**Your instructions:** Each entry below is to be restated word for word, with no pictures carried over.

Collection entries
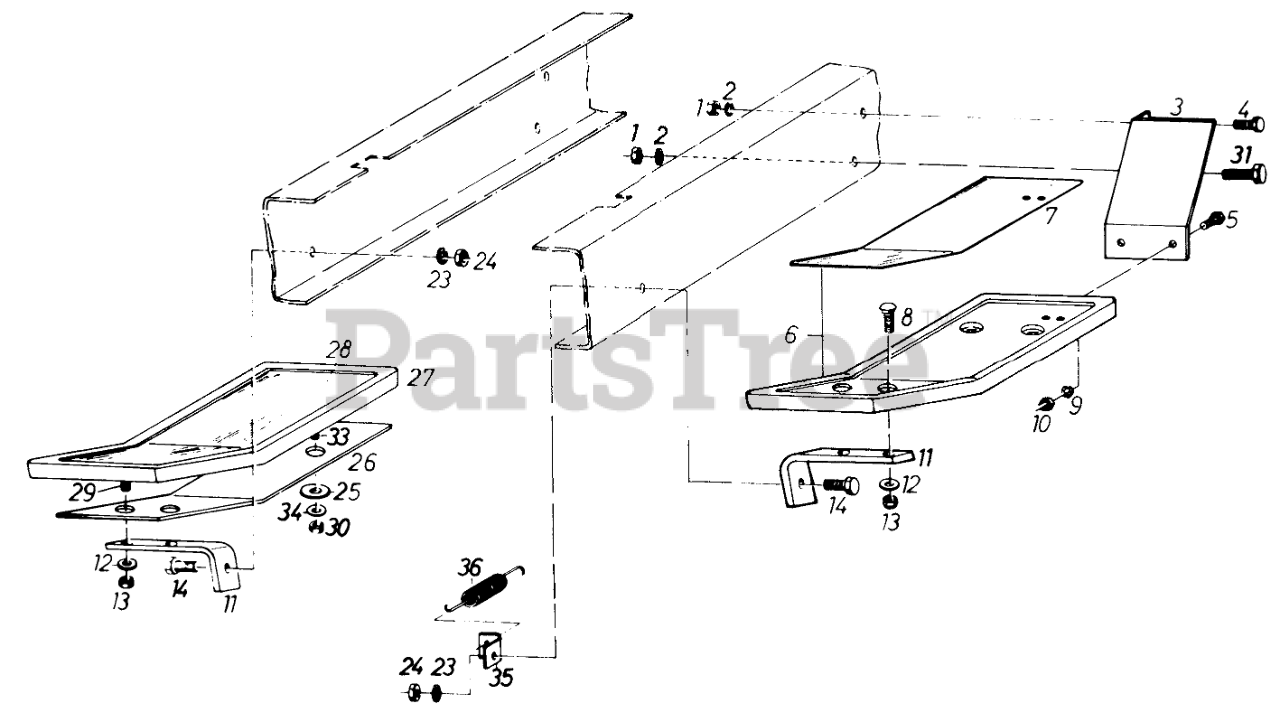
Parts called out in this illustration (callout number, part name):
2	Lockwasher
3	Foot Board Support Left
3	Foot Board Support Right
5	Screw
6	Foot Board Left Assy. (Only Deliverable Part 7 and 8)
7	Rubber Plate
8	Screw
9	Washer
11	Foot Board Support
12	Washer
23	Washer
25	Washer
27	Foot Board Right Assy. (Only Deliverable Part 25, 26, 28, 29, 30, 33 and 34)
28	Rubber Plate
29	Screw
33	Screw
34	Washer
35	Holder
36	Spring
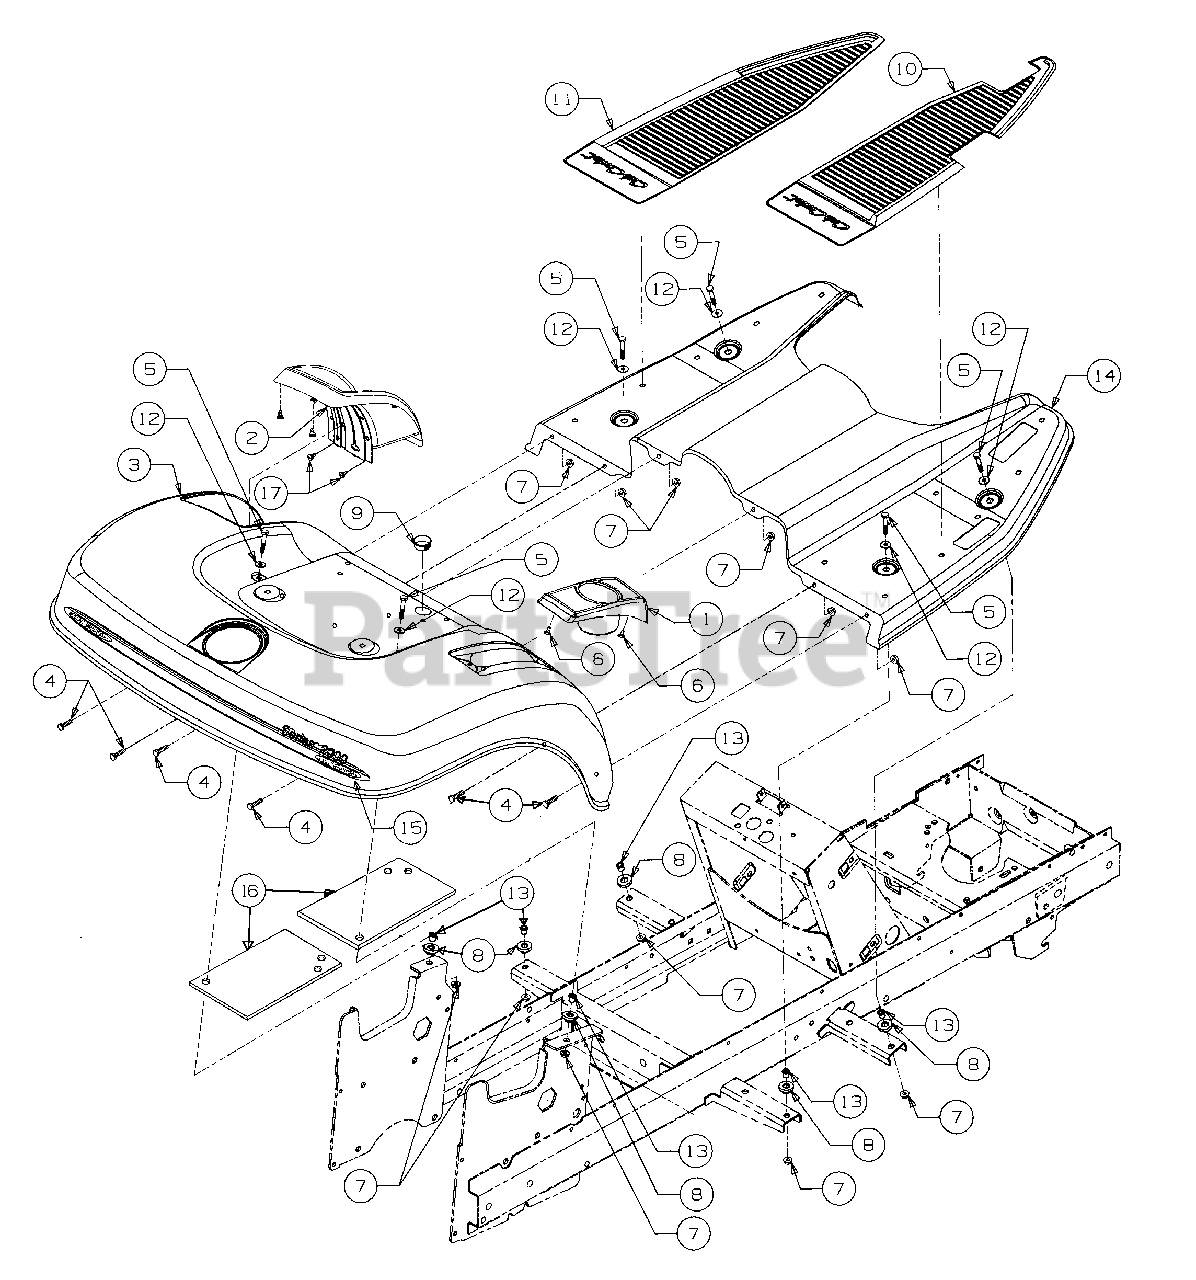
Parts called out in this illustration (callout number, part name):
1	Cup Holder
2	Cover, Implement Lift
3	Fender
4	Screw, Hex Cap, 1/4-20 x .62
5	Screw, Hex Cap, 1/4-20 x 1.0
6	Screw, Hex Tapp, #10 x .38 Lg
7	Nut, Hex Flange Lock, 1/4-20 1
8	Grommet, Insulator
9	Bushing, Snap, 7/8 ID
10	Pad, RH Foot
11	Pad, LH Foot
12	Washer, Flat, .255 x .72 x .06
13	Spacer, .28 ID x .40 OD x .42 Lg
14	Running Board w/Graphic
15	Graphic, Rear Fender
16	Bracket, Fender Reinforcement
17	Screw, Hex Tapp, #10 x .38 Lg

**Output of the exercise:**
Parts called out in this illustration (callout number, part name):
2	Lockwasher
3	Foot Board Support Left
3	Foot Board Support Right
5	Screw
6	Foot Board Left Assy. (Only Deliverable Part 7 and 8)
7	Rubber Plate
8	Screw
9	Washer
11	Foot Board Support
12	Washer
23	Washer
25	Washer
27	Foot Board Right Assy. (Only Deliverable Part 25, 26, 28, 29, 30, 33 and 34)
28	Rubber Plate
29	Screw
33	Screw
34	Washer
35	Holder
36	Spring
Parts called out in this illustration (callout number, part name):
1	Cup Holder
2	Cover, Implement Lift
3	Fender
4	Screw, Hex Cap, 1/4-20 x .62
5	Screw, Hex Cap, 1/4-20 x 1.0
6	Screw, Hex Tapp, #10 x .38 Lg
7	Nut, Hex Flange Lock, 1/4-20 1
8	Grommet, Insulator
9	Bushing, Snap, 7/8 ID
10	Pad, RH Foot
11	Pad, LH Foot
12	Washer, Flat, .255 x .72 x .06
13	Spacer, .28 ID x .40 OD x .42 Lg
14	Running Board w/Graphic
15	Graphic, Rear Fender
16	Bracket, Fender Reinforcement
17	Screw, Hex Tapp, #10 x .38 Lg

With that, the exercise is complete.